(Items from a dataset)
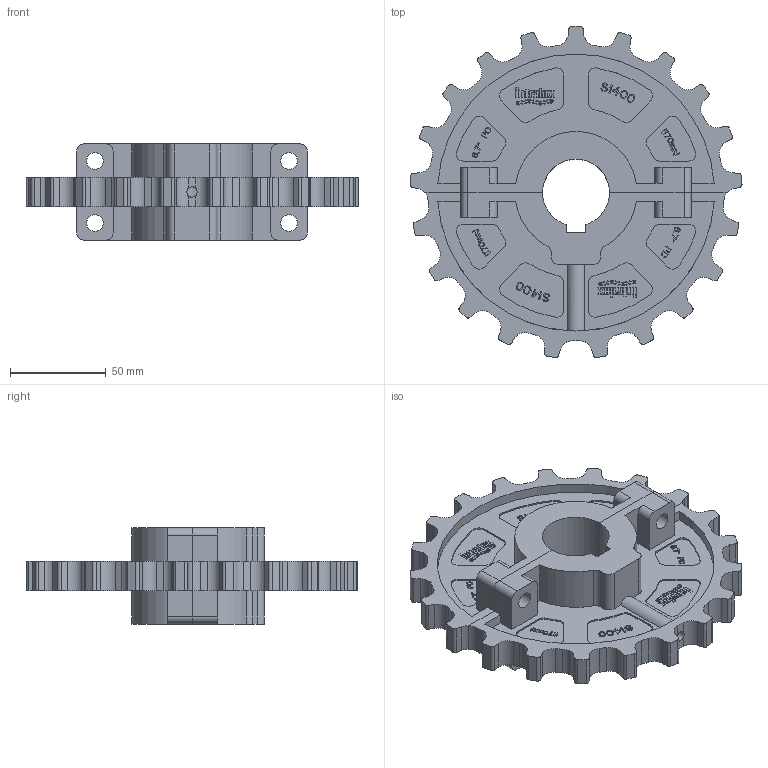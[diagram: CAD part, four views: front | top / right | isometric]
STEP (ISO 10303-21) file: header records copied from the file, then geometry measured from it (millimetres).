
FILE_DESCRIPTION((''),'2;1');
FILE_NAME('S1400_SPLIT_67_PILOT_ASM','2008-12-12T',('jmumphre'),(''),'PRO/ENGINEER BY PARAMETRIC TECHNOLOGY CORPORATION, 2008150','PRO/ENGINEER BY PARAMETRIC TECHNOLOGY CORPORATION, 2008150','');
FILE_SCHEMA(('CONFIG_CONTROL_DESIGN'));
Length unit declared in the file: inch
Products named in the file (3): S1400_SPLIT_67_PILOT_BOLT_AF0; S1400_SPLIT_67_PILOT_NUT_AF0; S1400_SPLIT_67_PILOT_ASM
Assembly tree (2 placements, depth 2):
  S1400_SPLIT_67_PILOT_ASM
    S1400_SPLIT_67_PILOT_BOLT_AF0
    S1400_SPLIT_67_PILOT_NUT_AF0
Bounding box: 173.6 x 173.14 x 50.29 mm (x, y, z)
Volume: 286772.4 mm3; surface area: 93301.6 mm2
Topology: 2 solids, 2 shells, 1837 faces, 5202 edges, 3468 vertices
Faces by surface type: plane 1398, cylinder 439
Entity records: 59368 total; most frequent: CARTESIAN_POINT 10636, ORIENTED_EDGE 10404, DIRECTION 9752, EDGE_CURVE 5202, VECTOR 4320, LINE 4320, VERTEX_POINT 3468, AXIS2_PLACEMENT_3D 2716

* **What this task involves**:
Word for word, retype the lines from the one containing "Volume: 286772.4 mm3;" through the final line of the data, including both ends and nothing more.

* **Response to the task**:
Volume: 286772.4 mm3; surface area: 93301.6 mm2
Topology: 2 solids, 2 shells, 1837 faces, 5202 edges, 3468 vertices
Faces by surface type: plane 1398, cylinder 439
Entity records: 59368 total; most frequent: CARTESIAN_POINT 10636, ORIENTED_EDGE 10404, DIRECTION 9752, EDGE_CURVE 5202, VECTOR 4320, LINE 4320, VERTEX_POINT 3468, AXIS2_PLACEMENT_3D 2716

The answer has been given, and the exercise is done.